**Action item**
Each record that follows should be reproduced in full, character for character.
────────────────────
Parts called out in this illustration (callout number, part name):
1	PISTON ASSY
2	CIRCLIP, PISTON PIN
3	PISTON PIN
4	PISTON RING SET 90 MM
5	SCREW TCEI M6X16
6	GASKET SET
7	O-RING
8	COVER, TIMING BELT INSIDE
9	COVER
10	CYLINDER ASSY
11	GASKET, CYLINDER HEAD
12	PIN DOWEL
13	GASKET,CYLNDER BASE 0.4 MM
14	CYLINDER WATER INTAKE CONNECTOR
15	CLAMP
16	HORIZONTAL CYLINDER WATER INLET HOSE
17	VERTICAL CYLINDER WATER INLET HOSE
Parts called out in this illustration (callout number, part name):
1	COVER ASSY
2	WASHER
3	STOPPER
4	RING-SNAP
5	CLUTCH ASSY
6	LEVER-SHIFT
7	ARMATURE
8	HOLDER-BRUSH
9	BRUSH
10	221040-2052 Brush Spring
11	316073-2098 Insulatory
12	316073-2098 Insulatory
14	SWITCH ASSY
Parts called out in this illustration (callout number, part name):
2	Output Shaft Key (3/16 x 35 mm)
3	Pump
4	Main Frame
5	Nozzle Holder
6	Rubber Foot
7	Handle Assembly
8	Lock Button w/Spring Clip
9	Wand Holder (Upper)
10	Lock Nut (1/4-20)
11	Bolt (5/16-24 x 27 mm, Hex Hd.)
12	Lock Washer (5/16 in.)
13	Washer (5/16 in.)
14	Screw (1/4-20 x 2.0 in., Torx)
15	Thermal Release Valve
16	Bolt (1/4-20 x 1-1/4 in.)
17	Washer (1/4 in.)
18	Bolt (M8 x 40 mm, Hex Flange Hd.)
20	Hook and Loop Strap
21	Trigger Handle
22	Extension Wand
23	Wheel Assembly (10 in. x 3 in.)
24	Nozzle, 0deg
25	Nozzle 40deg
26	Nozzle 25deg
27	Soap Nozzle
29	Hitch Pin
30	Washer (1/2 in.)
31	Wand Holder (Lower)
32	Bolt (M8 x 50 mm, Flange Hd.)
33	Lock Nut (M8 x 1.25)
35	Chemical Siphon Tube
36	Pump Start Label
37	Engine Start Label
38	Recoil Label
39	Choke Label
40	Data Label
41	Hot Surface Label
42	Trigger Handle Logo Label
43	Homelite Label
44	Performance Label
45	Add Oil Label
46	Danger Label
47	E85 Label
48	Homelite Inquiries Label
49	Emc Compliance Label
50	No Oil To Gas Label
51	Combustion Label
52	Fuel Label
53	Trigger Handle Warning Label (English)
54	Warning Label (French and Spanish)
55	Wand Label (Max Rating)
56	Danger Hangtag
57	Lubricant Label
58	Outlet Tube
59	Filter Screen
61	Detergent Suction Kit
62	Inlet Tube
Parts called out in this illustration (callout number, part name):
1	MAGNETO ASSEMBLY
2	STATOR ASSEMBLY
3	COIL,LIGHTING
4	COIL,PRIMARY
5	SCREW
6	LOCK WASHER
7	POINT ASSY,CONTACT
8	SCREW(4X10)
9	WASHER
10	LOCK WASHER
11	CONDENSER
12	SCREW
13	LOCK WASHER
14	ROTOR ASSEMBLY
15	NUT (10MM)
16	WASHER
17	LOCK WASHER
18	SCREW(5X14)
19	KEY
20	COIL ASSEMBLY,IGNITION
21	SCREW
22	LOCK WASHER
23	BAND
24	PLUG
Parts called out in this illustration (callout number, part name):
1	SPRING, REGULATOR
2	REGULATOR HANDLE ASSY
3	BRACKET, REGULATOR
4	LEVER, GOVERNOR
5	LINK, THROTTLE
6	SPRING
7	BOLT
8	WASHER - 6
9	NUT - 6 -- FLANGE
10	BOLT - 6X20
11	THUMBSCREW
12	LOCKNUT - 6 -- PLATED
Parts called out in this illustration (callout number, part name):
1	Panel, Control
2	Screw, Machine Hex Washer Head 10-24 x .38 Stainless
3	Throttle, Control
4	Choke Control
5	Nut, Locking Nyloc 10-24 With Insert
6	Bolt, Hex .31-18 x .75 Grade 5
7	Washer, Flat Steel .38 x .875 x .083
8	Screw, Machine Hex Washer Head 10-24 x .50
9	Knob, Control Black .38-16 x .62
────────────────────
**Solved exercise**
Parts called out in this illustration (callout number, part name):
1	PISTON ASSY
2	CIRCLIP, PISTON PIN
3	PISTON PIN
4	PISTON RING SET 90 MM
5	SCREW TCEI M6X16
6	GASKET SET
7	O-RING
8	COVER, TIMING BELT INSIDE
9	COVER
10	CYLINDER ASSY
11	GASKET, CYLINDER HEAD
12	PIN DOWEL
13	GASKET,CYLNDER BASE 0.4 MM
14	CYLINDER WATER INTAKE CONNECTOR
15	CLAMP
16	HORIZONTAL CYLINDER WATER INLET HOSE
17	VERTICAL CYLINDER WATER INLET HOSE
Parts called out in this illustration (callout number, part name):
1	COVER ASSY
2	WASHER
3	STOPPER
4	RING-SNAP
5	CLUTCH ASSY
6	LEVER-SHIFT
7	ARMATURE
8	HOLDER-BRUSH
9	BRUSH
10	221040-2052 Brush Spring
11	316073-2098 Insulatory
12	316073-2098 Insulatory
14	SWITCH ASSY
Parts called out in this illustration (callout number, part name):
2	Output Shaft Key (3/16 x 35 mm)
3	Pump
4	Main Frame
5	Nozzle Holder
6	Rubber Foot
7	Handle Assembly
8	Lock Button w/Spring Clip
9	Wand Holder (Upper)
10	Lock Nut (1/4-20)
11	Bolt (5/16-24 x 27 mm, Hex Hd.)
12	Lock Washer (5/16 in.)
13	Washer (5/16 in.)
14	Screw (1/4-20 x 2.0 in., Torx)
15	Thermal Release Valve
16	Bolt (1/4-20 x 1-1/4 in.)
17	Washer (1/4 in.)
18	Bolt (M8 x 40 mm, Hex Flange Hd.)
20	Hook and Loop Strap
21	Trigger Handle
22	Extension Wand
23	Wheel Assembly (10 in. x 3 in.)
24	Nozzle, 0deg
25	Nozzle 40deg
26	Nozzle 25deg
27	Soap Nozzle
29	Hitch Pin
30	Washer (1/2 in.)
31	Wand Holder (Lower)
32	Bolt (M8 x 50 mm, Flange Hd.)
33	Lock Nut (M8 x 1.25)
35	Chemical Siphon Tube
36	Pump Start Label
37	Engine Start Label
38	Recoil Label
39	Choke Label
40	Data Label
41	Hot Surface Label
42	Trigger Handle Logo Label
43	Homelite Label
44	Performance Label
45	Add Oil Label
46	Danger Label
47	E85 Label
48	Homelite Inquiries Label
49	Emc Compliance Label
50	No Oil To Gas Label
51	Combustion Label
52	Fuel Label
53	Trigger Handle Warning Label (English)
54	Warning Label (French and Spanish)
55	Wand Label (Max Rating)
56	Danger Hangtag
57	Lubricant Label
58	Outlet Tube
59	Filter Screen
61	Detergent Suction Kit
62	Inlet Tube
Parts called out in this illustration (callout number, part name):
1	MAGNETO ASSEMBLY
2	STATOR ASSEMBLY
3	COIL,LIGHTING
4	COIL,PRIMARY
5	SCREW
6	LOCK WASHER
7	POINT ASSY,CONTACT
8	SCREW(4X10)
9	WASHER
10	LOCK WASHER
11	CONDENSER
12	SCREW
13	LOCK WASHER
14	ROTOR ASSEMBLY
15	NUT (10MM)
16	WASHER
17	LOCK WASHER
18	SCREW(5X14)
19	KEY
20	COIL ASSEMBLY,IGNITION
21	SCREW
22	LOCK WASHER
23	BAND
24	PLUG
Parts called out in this illustration (callout number, part name):
1	SPRING, REGULATOR
2	REGULATOR HANDLE ASSY
3	BRACKET, REGULATOR
4	LEVER, GOVERNOR
5	LINK, THROTTLE
6	SPRING
7	BOLT
8	WASHER - 6
9	NUT - 6 -- FLANGE
10	BOLT - 6X20
11	THUMBSCREW
12	LOCKNUT - 6 -- PLATED
Parts called out in this illustration (callout number, part name):
1	Panel, Control
2	Screw, Machine Hex Washer Head 10-24 x .38 Stainless
3	Throttle, Control
4	Choke Control
5	Nut, Locking Nyloc 10-24 With Insert
6	Bolt, Hex .31-18 x .75 Grade 5
7	Washer, Flat Steel .38 x .875 x .083
8	Screw, Machine Hex Washer Head 10-24 x .50
9	Knob, Control Black .38-16 x .62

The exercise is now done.